George is a gay kindergarten teacher, holding a torch of the inextinguishable variety for his not-worth-it ex-boyfriend. Nina is a pregnant "almost-psychologist" feminist with a nail-polish obsession and an overbearing boyfriend. The focus of the novel is certainly on the relationship between these two, but McCauley also brings an entire fictional ensemble to life, richly nuanced with quirky humor. After a night utterly devoid of sleep, romance, or even physical comfort on a stranger's futon, George decides to cut his losses and leave in the middle of the night, silently wondering about his generation's aversion to mattresses: "I've never trusted people who feel compelled to replace them with uncomfortable, expensive substitutes." As he leaves, his blind date caps off the evening with some unsolicited dietary advice, advising him that he should really cut down on dairy. "Thanks," George deadpans. "I've been meaning to eliminate it from my diet.
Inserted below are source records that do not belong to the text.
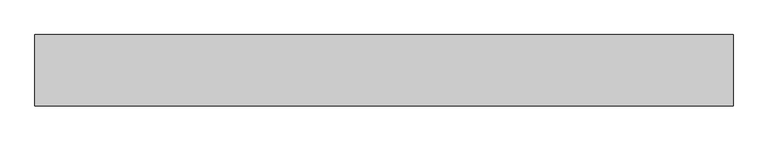
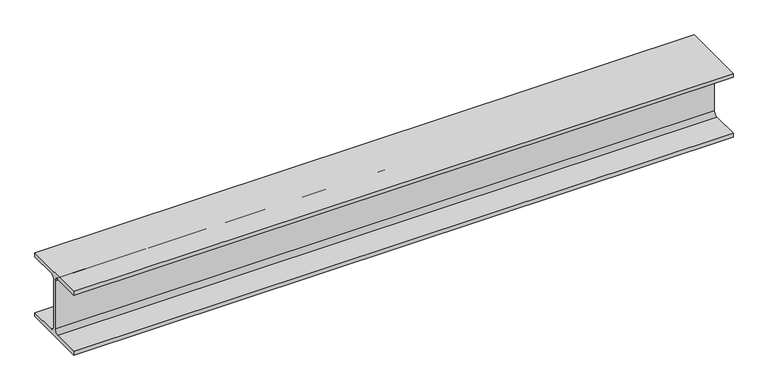
"""IFC4 building model written with IfcOpenShell, lengths in millimetres: beam geometry, 0912_Steel Framing_H-KSD3502 : H_SB_ASB_H-200x200x8x12."""

import ifcopenshell
import ifcopenshell.guid

model = None  # the IFC model being written
_history = None  # IfcOwnerHistory: only IFC2X3 demands one
_inside = {}  # id of a spatial element -> (the spatial element, [elements in it])
_under = {}  # id of a project, library or spatial element -> (it, [spatial elements below it])
_declared = {}  # id of a project -> (the project, [libraries it declares])
_typed = {}  # id of a type object -> (the type object, [elements of that type])
_made_of = {}  # id of a material, layer set ... -> (it, [elements and type objects made of it])


def new_model(schema):
    """Start an empty IFC model of exactly this schema.

    Asked for "IFC4X3", IfcOpenShell would pick the latest addendum, in which some entities
    have other attributes; the version numbers below select the first issue.
    IFC2X3 requires an IfcOwnerHistory on every rooted entity: one is made here for all.
    """
    global model, _history
    if schema == "IFC4X3":
        model = ifcopenshell.file(schema_version=(4, 3, 0, 0))
    else:
        model = ifcopenshell.file(schema=schema)
    _inside.clear()
    _under.clear()
    _declared.clear()
    _typed.clear()
    _made_of.clear()
    _history = None
    if model.schema == "IFC2X3":
        org = make("IfcOrganization", Name="unknown")
        user = make(
            "IfcPersonAndOrganization",
            ThePerson=make("IfcPerson", FamilyName="unknown"),
            TheOrganization=org,
        )
        app = make(
            "IfcApplication",
            ApplicationDeveloper=org,
            Version="unknown",
            ApplicationFullName="unknown",
            ApplicationIdentifier="unknown",
        )
        _history = make(
            "IfcOwnerHistory",
            OwningUser=user,
            OwningApplication=app,
            ChangeAction="ADDED",
            CreationDate=0,
        )
    return model


def make(cls, **values):
    """One entity of the class cls with the attributes given. An attribute that is None is left unset."""
    return model.create_entity(
        cls, **{name: value for name, value in values.items() if value is not None}
    )


def rooted(cls, **values):
    """An entity with a GlobalId (a new one), such as an element, a storey or a relation."""
    return make(cls, GlobalId=ifcopenshell.guid.new(), OwnerHistory=_history, **values)


def si_unit(unit_type, name, prefix=None):
    """IfcSIUnit, for example si_unit("LENGTHUNIT", "METRE", prefix="MILLI")."""
    return make("IfcSIUnit", UnitType=unit_type, Prefix=prefix, Name=name)


def assignment(units):
    """IfcUnitAssignment: the units of a project."""
    return None if units is None else make("IfcUnitAssignment", Units=units)


def point(xyz):
    """IfcCartesianPoint."""
    return None if xyz is None else make("IfcCartesianPoint", Coordinates=xyz)


def direction(xyz):
    """IfcDirection."""
    return None if xyz is None else make("IfcDirection", DirectionRatios=xyz)


def frame(location, z_axis=None, x_axis=None):
    """IfcAxis2Placement3D, a coordinate frame: its origin and axes. An axis left out is left unset."""
    return make(
        "IfcAxis2Placement3D",
        Location=point(location),
        Axis=direction(z_axis),
        RefDirection=direction(x_axis),
    )


def frame_2d(location, x_axis=None):
    """IfcAxis2Placement2D, a coordinate frame in the plane: its origin and x axis."""
    return make(
        "IfcAxis2Placement2D", Location=point(location), RefDirection=direction(x_axis)
    )


def origin():
    """The frame at (0, 0, 0) with its axes left unset."""
    return frame((0.0, 0.0, 0.0))


def place(relative_to, where):
    """IfcLocalPlacement: puts the frame where relative to a parent placement (None: the world)."""
    return make(
        "IfcLocalPlacement", PlacementRelTo=relative_to, RelativePlacement=where
    )


def context(
    kind, dimensions, precision=None, world=None, true_north=None, identifier=None
):
    """IfcGeometricRepresentationContext, for example the 3D "Model" context."""
    return make(
        "IfcGeometricRepresentationContext",
        ContextIdentifier=identifier,
        ContextType=kind,
        CoordinateSpaceDimension=dimensions,
        Precision=precision,
        WorldCoordinateSystem=world,
        TrueNorth=true_north,
    )


def project(units=None, contexts=None):
    """IfcProject with its units and contexts."""
    return rooted(
        "IfcProject",
        Name="project",
        RepresentationContexts=contexts,
        UnitsInContext=assignment(units),
    )


def spatial(cls, under=None, at=None, **own):
    """A site, building, storey or space (cls), placed at a placement, below another one or the project."""
    s = rooted(cls, ObjectPlacement=at, **own)
    if under is not None:
        _under.setdefault(under.id(), (under, []))[1].append(s)
    return s


def polyline(points):
    """IfcPolyline through the points."""
    return make("IfcPolyline", Points=[point(p) for p in points])


def circle_curve(where, radius):
    """IfcCircle in the frame where."""
    return make("IfcCircle", Position=where, Radius=radius)


def trimmed(basis, trim1, trim2, sense, master):
    """IfcTrimmedCurve: the piece of a basis curve between two trims."""
    return make(
        "IfcTrimmedCurve",
        BasisCurve=basis,
        Trim1=trim1,
        Trim2=trim2,
        SenseAgreement=sense,
        MasterRepresentation=master,
    )


def segment(curve, same_sense, transition):
    """IfcCompositeCurveSegment."""
    return make(
        "IfcCompositeCurveSegment",
        Transition=transition,
        SameSense=same_sense,
        ParentCurve=curve,
    )


def composite_curve(segments, self_intersect=None):
    """IfcCompositeCurve: segments joined end to end."""
    return make("IfcCompositeCurve", Segments=segments, SelfIntersect=self_intersect)


def outline(outer, holes=None, kind="AREA"):
    """IfcArbitraryClosedProfileDef: a profile drawn as a closed curve; with holes, ...WithVoids."""
    if holes is None:
        return make("IfcArbitraryClosedProfileDef", ProfileType=kind, OuterCurve=outer)
    return make(
        "IfcArbitraryProfileDefWithVoids",
        ProfileType=kind,
        OuterCurve=outer,
        InnerCurves=holes,
    )


def extrude(swept, where, along, depth):
    """IfcExtrudedAreaSolid: the profile swept, set in the frame where, extruded along a direction by depth."""
    return make(
        "IfcExtrudedAreaSolid",
        SweptArea=swept,
        Position=where,
        ExtrudedDirection=direction(along),
        Depth=depth,
    )


def shape(context_of_items, identifier, shape_type, items):
    """IfcShapeRepresentation: the items that make up one representation, for example the "Body"."""
    return make(
        "IfcShapeRepresentation",
        ContextOfItems=context_of_items,
        RepresentationIdentifier=identifier,
        RepresentationType=shape_type,
        Items=items,
    )


def source(mapping_origin, context_of_items, identifier, shape_type, items):
    """IfcRepresentationMap: a shape defined once, which mapped items show again and again."""
    return make(
        "IfcRepresentationMap",
        MappingOrigin=mapping_origin,
        MappedRepresentation=shape(context_of_items, identifier, shape_type, items),
    )


def transform(
    local_origin,
    x_axis=None,
    y_axis=None,
    z_axis=None,
    scale=None,
    scale2=None,
    scale3=None,
    uniform=True,
):
    """IfcCartesianTransformationOperator3D, or its non-uniform kind. x_axis, y_axis, z_axis: its Axis1, 2, 3."""
    if uniform:
        return make(
            "IfcCartesianTransformationOperator3D",
            Axis1=direction(x_axis),
            Axis2=direction(y_axis),
            LocalOrigin=point(local_origin),
            Scale=scale,
            Axis3=direction(z_axis),
        )
    return make(
        "IfcCartesianTransformationOperator3DnonUniform",
        Axis1=direction(x_axis),
        Axis2=direction(y_axis),
        LocalOrigin=point(local_origin),
        Scale=scale,
        Axis3=direction(z_axis),
        Scale2=scale2,
        Scale3=scale3,
    )


def mapped(mapping_source, mapping_target):
    """IfcMappedItem: shows the shape of a source again, moved by a transform."""
    return make(
        "IfcMappedItem", MappingSource=mapping_source, MappingTarget=mapping_target
    )


def made_of(thing, what):
    """Note that an element or type object is made of a material, layer set ...; save() writes the relation."""
    if what is not None:
        _made_of.setdefault(what.id(), (what, []))[1].append(thing)
    return thing


def element(
    cls,
    number,
    at=None,
    inside=None,
    cuts=None,
    type_object=None,
    material=None,
    context=None,
    identifier="Body",
    shape_type=None,
    held_by="IfcProductDefinitionShape",
    body=None,
    shapes=None,
    **own,
):
    """One element of the class cls, such as IfcWall. Its Tag is "e" and its number.

    at: its placement. inside: the storey or other place that contains it. cuts: it is an
    opening in that element (IfcRelVoidsElement). A single representation is given by context,
    identifier, shape_type and body (its items); several are given by shapes. held_by: the class
    of the entity that holds the representations. save() writes the other relations.
    """
    e = rooted(cls, Tag="e%d" % number, ObjectPlacement=at, **own)
    if body is not None:
        shapes = [shape(context, identifier, shape_type, body)]
    if shapes is not None:
        e.Representation = make(held_by, Representations=shapes)
    if inside is not None:
        _inside.setdefault(inside.id(), (inside, []))[1].append(e)
    if cuts is not None:
        rooted(
            "IfcRelVoidsElement", RelatingBuildingElement=cuts, RelatedOpeningElement=e
        )
    if type_object is not None:
        _typed.setdefault(type_object.id(), (type_object, []))[1].append(e)
    return made_of(e, material)


def aggregate(whole, parts):
    """IfcRelAggregates: a whole, such as a stair, and the parts it consists of."""
    return rooted("IfcRelAggregates", RelatingObject=whole, RelatedObjects=parts)


def save(model, path):
    """Write the relations noted so far, then the file.

    IfcRelAggregates (storeys below a building ...), IfcRelContainedInSpatialStructure (elements
    in a storey), IfcRelDefinesByType, IfcRelAssociatesMaterial and IfcRelDeclares: one each for
    every whole, place, type object, material and project.
    """
    for whole, parts in _under.values():
        aggregate(whole, parts)
    for where, things in _inside.values():
        rooted(
            "IfcRelContainedInSpatialStructure",
            RelatedElements=things,
            RelatingStructure=where,
        )
    for kind, things in _typed.values():
        rooted("IfcRelDefinesByType", RelatedObjects=things, RelatingType=kind)
    for what, things in _made_of.values():
        rooted("IfcRelAssociatesMaterial", RelatedObjects=things, RelatingMaterial=what)
    for by, libraries in _declared.values():
        rooted("IfcRelDeclares", RelatingContext=by, RelatedDefinitions=libraries)
    model.write(path)


def beam_1032c180(model_context):
    return source(origin(), model_context, "Body", "SweptSolid", [
        extrude(outline(composite_curve([segment(polyline([(100.0, -88.0), (100.0, -100.0), (-100.0, -100.0), (-100.0, -88.0), (-17.0, -88.0)]), True, "CONTINUOUS"), segment(trimmed(circle_curve(frame_2d((-17.0, -75.0)), 13.0), [point((-17.0, -88.0))], [point((-4.0, -75.0))], True, "CARTESIAN"), True, "CONTINUOUS"), segment(polyline([(-4.0, -75.0), (-4.0, 75.0)]), True, "CONTINUOUS"), segment(trimmed(circle_curve(frame_2d((-17.0, 75.0)), 13.0), [point((-4.0, 75.0))], [point((-17.0, 88.0))], True, "CARTESIAN"), True, "CONTINUOUS"), segment(polyline([(-17.0, 88.0), (-100.0, 88.0), (-100.0, 100.0), (100.0, 100.0), (100.0, 88.0), (17.0, 88.0)]), True, "CONTINUOUS"), segment(trimmed(circle_curve(frame_2d((17.0, 75.0)), 13.0), [point((17.0, 88.0))], [point((4.0, 75.0))], True, "CARTESIAN"), True, "CONTINUOUS"), segment(polyline([(4.0, 75.0), (4.0, -75.0)]), True, "CONTINUOUS"), segment(trimmed(circle_curve(frame_2d((17.0, -75.0)), 13.0), [point((4.0, -75.0))], [point((17.0, -88.0))], True, "CARTESIAN"), True, "CONTINUOUS"), segment(polyline([(17.0, -88.0), (100.0, -88.0)]), True, "CONTINUOUS")], self_intersect=False)), frame((-926.5182437, 0.0, 0.0), z_axis=(1.0, 0.0, 0.0), x_axis=(0.0, 1.0, 0.0)), (0.0, 0.0, 1.0), 1959.1715213),
    ])


if __name__ == "__main__":
    model = new_model("IFC4")
    model_context = context("Model", 3, world=origin())
    ifc_project = project(units=[si_unit("LENGTHUNIT", "METRE", prefix="MILLI")], contexts=[model_context])
    site = spatial("IfcSite", under=ifc_project)
    building = spatial("IfcBuilding", under=site)
    placement = place(None, origin())
    beam_shape = beam_1032c180(model_context)
    element("IfcBeam", 1, ObjectType="0912_Steel Framing_H-KSD3502 : H_SB_ASB_H-200x200x8x12", at=placement, inside=building, context=model_context, shape_type="MappedRepresentation", body=[
        mapped(beam_shape, transform((0.0, 0.0, 0.0), x_axis=(1.0, 0.0, 0.0), y_axis=(0.0, 1.0, 0.0), z_axis=(0.0, 0.0, 1.0))),
    ])
    save(model, "model.ifc")

# Revit data of these elements
# Type "0912_Steel Framing_H-KSD3502 : H_SB_ASB_H-200x200x8x12"
#   H_WM Code_1 = "S01AA002-00001 | Main Steel Structure Fabrication Work | Shelter/Building | Medium Steel - Standard (90KG/M>Weight≥30KG/M) | Material: (   )"
#   H_WM Code_2 = "S03AA028-00001 | Main Steel Structure Erection Work | Shelter/Building | Medium Steel (90KG/M>Weight≥30KG/M) | Material: (   )"
#   H_WM Code_3 = "S01AA010-00001 | Main Steel Structure Fabrication Work | Shelter/Building | Steel Painting/Coating | for Non-Fireproofed Steel Surface, Surface Preparation, Primer, Second & Final Coat | Material: (   )"
#   H_Q'ty Cal Type Tag = "SB-Q2"
#   Width = 20.0 cm
#   Web Thickness = 0.8 cm
#   Web Fillet = 1.3 cm
#   Warping Constant = 141000.0 cm⁶
#   W = 0
#   Torsional Moment of Inertia = 26.2485 cm⁴
#   Section Area = 63.53 cm²
#   Plastic Modulus weak axis = 244.0 cm³
#   Plastic Modulus strong axis = 525.0 cm³
#   Perimeter = 1.16 m²/m
#   Nominal Weight = 49.90 kgf/m
#   Moment of Inertia weak axis = 1600.00 cm⁴
#   Moment of Inertia strong axis = 4720.00 cm⁴
#   Height = 20.0 cm
#   Flange Thickness = 1.2 cm
#   Elastic Modulus weak axis = 160.0 cm³
#   Elastic Modulus strong axis = 472.0 cm³
#   Centroid Vertical = 10.0 cm
#   Centroid Horizontal = 10.0 cm
#   Ix = 47200000
#   Length [instance default] = 1.5240 m
#   Zx = 525000
#   b = 0.2000 m
#   h = 0.2000 m
#   r = 0.0130 m
#   s = 0.0080 m
#   t = 0.0120 m
#   A = 0.006353 m²
#   Structural Material [instance default] = Steel, 45-345
#   Assembly Code = ""
# Element 1 (IfcBeam, "0912_Steel Framing_H-KSD3502 : H_SB_ASB_H-200x200x8x12")
#   Structural Material = none
# Materials
#   "Steel, 45-345": class "Metal", colour RGB 189 187 185, transparency 0, Description = "Steel 345 MPa", Cost = 0
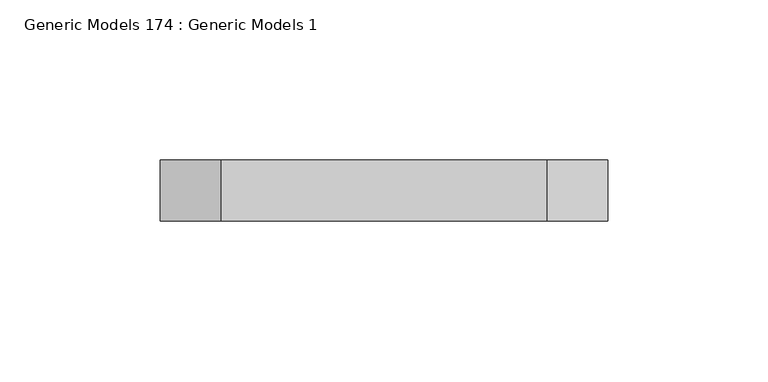
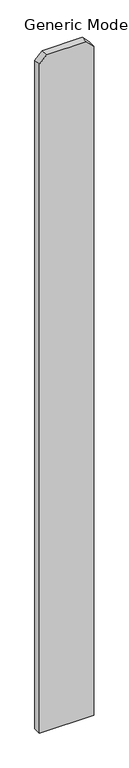
"""IFC4 building model written with IfcOpenShell, lengths in millimetres: proxy geometry, Generic Models 174 : Generic Models 1."""

from ifc_helpers import new_model, si_unit, frame, origin, place, context, project, spatial, polyline, outline, extrude, source, transform, mapped, element, save


def generic_models_174_generic_models_1_c9b0eb3d(model_context):
    return source(origin(), model_context, "Body", "SweptSolid", [
        extrude(outline(polyline([(76.2, 56513.4125), (1885.95, 56513.4125), (1905.0, 56494.3625), (1905.0, 56392.7625), (1885.95, 56373.7125), (76.2, 56373.7125), (76.2, 56513.4125)])), frame((0.0, 547.6875, 0.0), z_axis=(0.0, 1.0, 0.0), x_axis=(0.0, 0.0, 1.0)), (0.0, 0.0, 1.0), 19.05),
    ])


if __name__ == "__main__":
    model = new_model("IFC4")
    model_context = context("Model", 3, world=origin())
    ifc_project = project(units=[si_unit("LENGTHUNIT", "METRE", prefix="MILLI")], contexts=[model_context])
    site = spatial("IfcSite", under=ifc_project)
    building = spatial("IfcBuilding", under=site)
    placement = place(None, origin())
    generic_models_174_generic_models_1_shape = generic_models_174_generic_models_1_c9b0eb3d(model_context)
    element("IfcBuildingElementProxy", 1, Name="Generic Models 174 : Generic Models 1", ObjectType="Generic Models 174 : Generic Models 1", at=placement, inside=building, context=model_context, shape_type="MappedRepresentation", body=[
        mapped(generic_models_174_generic_models_1_shape, transform((0.0, 0.0, 0.0), x_axis=(1.0, 0.0, 0.0), y_axis=(0.0, 1.0, 0.0), z_axis=(0.0, 0.0, 1.0))),
    ])
    save(model, "model.ifc")

# Revit data of these elements
# Element 1 (IfcBuildingElementProxy, "Generic Models 174 : Generic Models 1")
#   Materials on its faces: "VERTICAL 1X6 CEDAR PLANKS W/ CLEAR WOOD SEALER"
# Materials
#   "VERTICAL 1X6 CEDAR PLANKS W/ CLEAR WOOD SEALER": class "Wood", colour RGB 234 198 147, transparency 0, Description = "Pinus Echinata", Cost = 0

This should give me the extra push."
The Object of My Affection gets you to care about this screwed-up lot of characters as they attempt to force the square peg of life-as-it-is-wished into the round hole of life-as-it-is. It offers no pat resolutions but rather an overall sense of hope, made all the more believable by the fact that the author has not frantically tried to tie up every single loose end. Instead, George, Nina, and those who touch them manage to push off from their unreasonably idealistic visions of the future and anchor, albeit tenuously, to the blessings of the present, resolved to remain standing amidst the forces that move them, as McCauley writes, "as inevitable as death and much stronger than love." --Bob Michaels
Stephen McCauley is the author of The Man of the House, The Easy Way Out and True Enough. He lives in Cambridge, Massachusetts.